Mama T (not her real name) is among millions of Kenyans who have been affected by containment measures put in place to curb the spread of the virus, either by losing their source of income or having to work under tough guidelines put in place by the MOH.

As young mother and an event organizer, she has found it hard to explain to her children why they cannot go to school or socialize freely with their peers as before.

“Sometimes it gets difficult as they do not understand what is happening due to their age, this at times becomes hard on me as they often think I am punishing them,”

Her contract was put on hold as no event or public gatherings can take place due to the pandemic. This has brought other challenges along with it, as she has to find means of fending for her family expenditures that including rent and food.

“I often wake up in the middle of the night with worries about my next move as the pandemic does not exhibit any signs of easing up,” she says. She adds that she has been forced to sort for manual jobs to keep her family afloat.

Ms. Mary Wahome, a Counseling Psychologist and Programs Director at ‘The Reason to Hope,’ in Karen, Nairobi says that such kind of drastic life changes have an adverse effect on one’s mental status including their family members and if not addressed early can lead to depression among other issues.

“We have had cases of people indulging in substance abuse to deal with the uncertainty and stress brought about by the pandemic, this in turn leads to dependence and also domestic abuse,”

Sam Njoroge , a waiter at a local hotel in Kiambu, has found himself indulging in substance abuse due to challenges he is facing after the hotel he was working in was closed down as it has not yet met the standards required by the MOH to open.

“My day starts at 6am where I go to a local pub, here I can get a drink for as little as Sh30, It makes me suppress the frustration I feel.” he says.

Sam is among the many who have found themselves in the same predicament and resulted to substance abuse finding ways to beat strict measures put in place by the government on the sale of alcohol so as to cope.
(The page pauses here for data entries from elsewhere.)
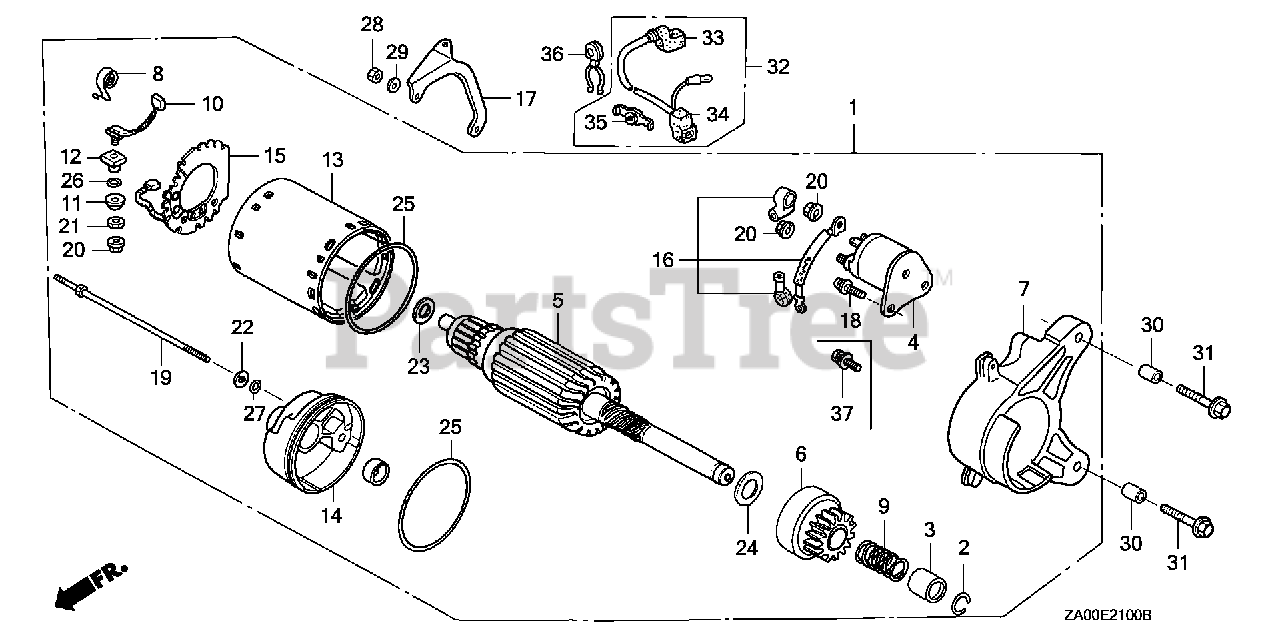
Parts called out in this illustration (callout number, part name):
1	STARTER MOTOR ASSY.
2	RING, SNAP
3	COLLAR, CLUTCH STOP
4	CONTACTOR ASSY.
6	CLUTCH ASSY., OVERRUNNING
7	HOUSING, DRIVE SIDE
8	SPRING, BRUSH
11	BUSH, INSULATION
12	BUSH, INSULATION
14	FRAME, STARTER END
15	PLATE, BRUSH HOLDER
16	WIRE, WATER COVER
17	STAY, STARTER MOTOR
18	SCREW-WASHER (5X14)
19	BOLT, THROUGH
22	WASHER, STEEL PLATE (NOT AVAILABLE)
28	NUT, FLANGE (5MM)
29	WASHER, PLAIN (5MM)
30	PIN, DOWEL (10X16)
31	BOLT, FLANGE (8X40)
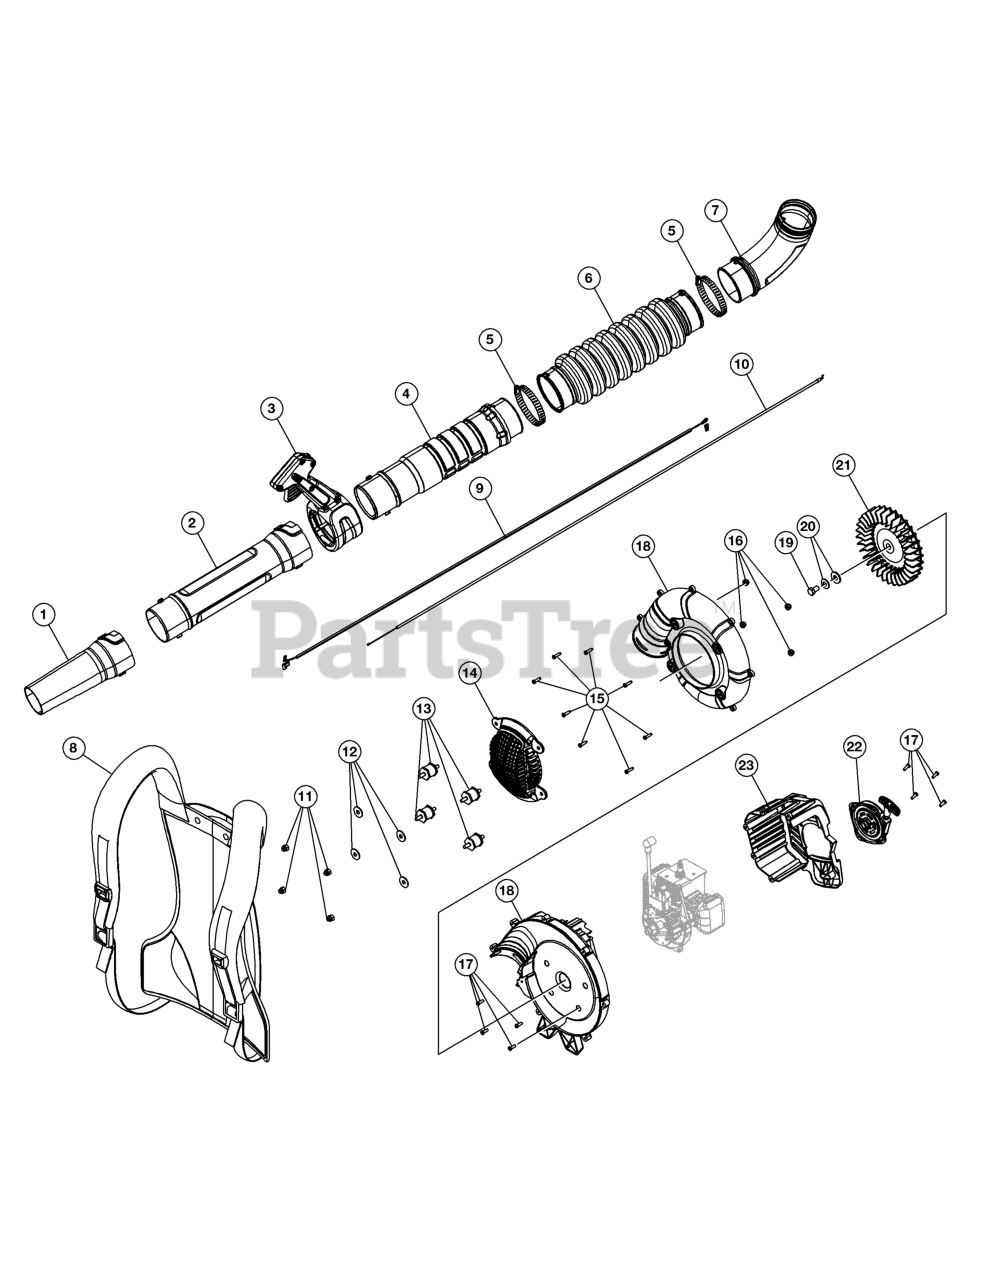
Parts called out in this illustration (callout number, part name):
2	Lower Blower Tube
3	Throttle Grip Assembly
4	Upper Blower Tube
10	Throttle Cable
11	Nut
12	Washer
13	Insulator Mount
14	Intake Cover
17	Screw
18	Impeller Housing Assembly (Incl. 13 - 17)
20	Impeller Hardware (Incl. 19)
21	Impeller (Incl. 19 & 20)
22	Starter Assembly (Incl. 17)
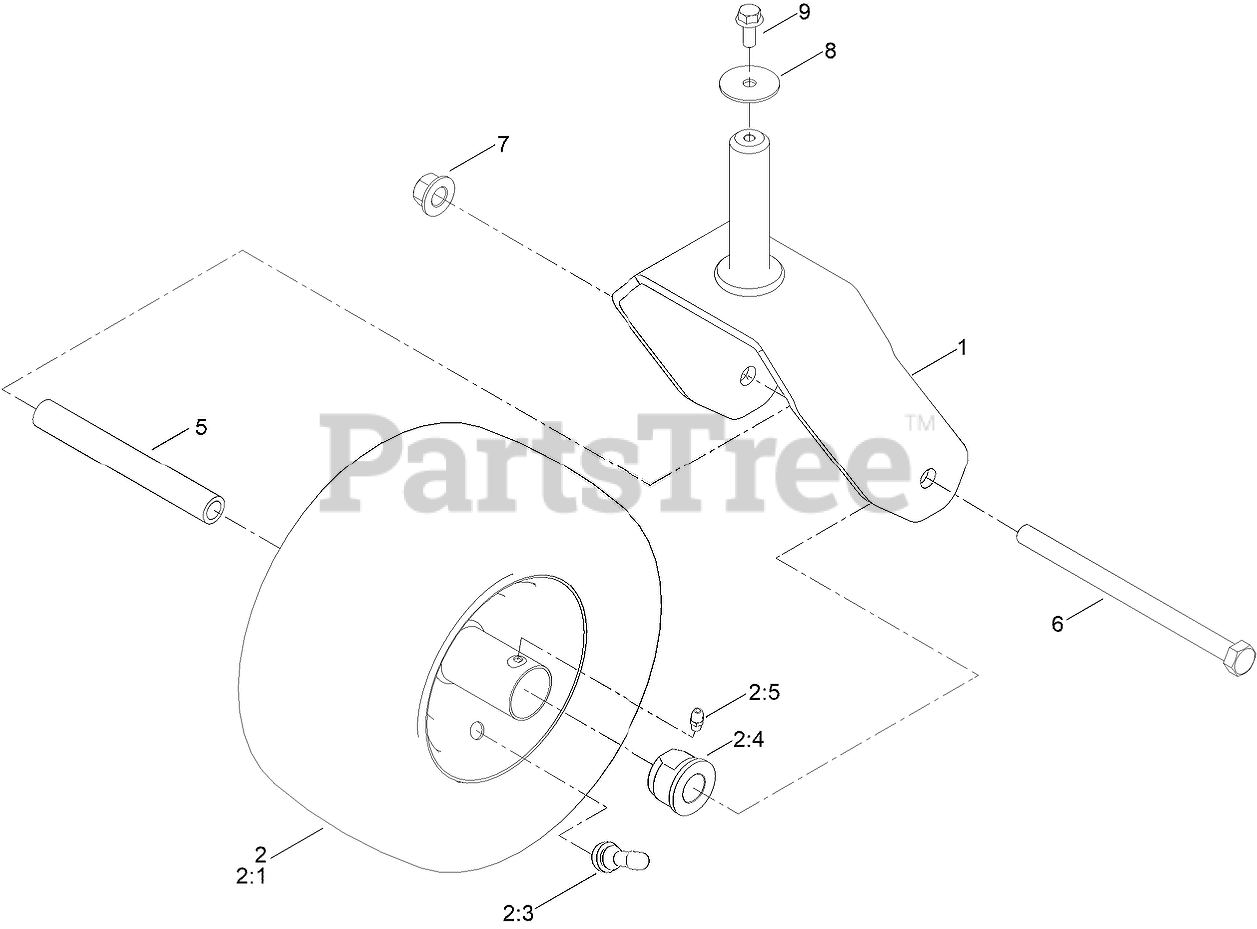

Mary says, situations like Sam’s are dangerous and if not addressed early can lead to serious complications, including addiction and dependency, violent behavior and also early death due to health complications.

She has, however, lauded the government for encouraging mental wellness and also launching the Psychological First Aid (PFA) guide in the wake of the virus putting emphasis on the three action principal of look, listen and link. “When we follow this it will be easy to identify an individual in distress and also offer assistance”.

Mary has urged anyone feeling the weight of the virus taking a toll on them not to hesitate but look for someone to talk to.

“You should not only seek help from a specialist but also talk to a friend, let them know what you are undergoing and how you feel, this will help ease their emotional stress and also find ways of dealing with the situation they are facing,” She added

Mary continued to stress on the need to perform frequent body exercises as a form of stress relief, reading and also taking advantage of this unfortunate COVID-19 period to engage in hobbies and talent development.

“Let people take this as an opportunity to kip fit, get in touch with one’s inner self and  also engage in   reading that would  help expand their knowledge.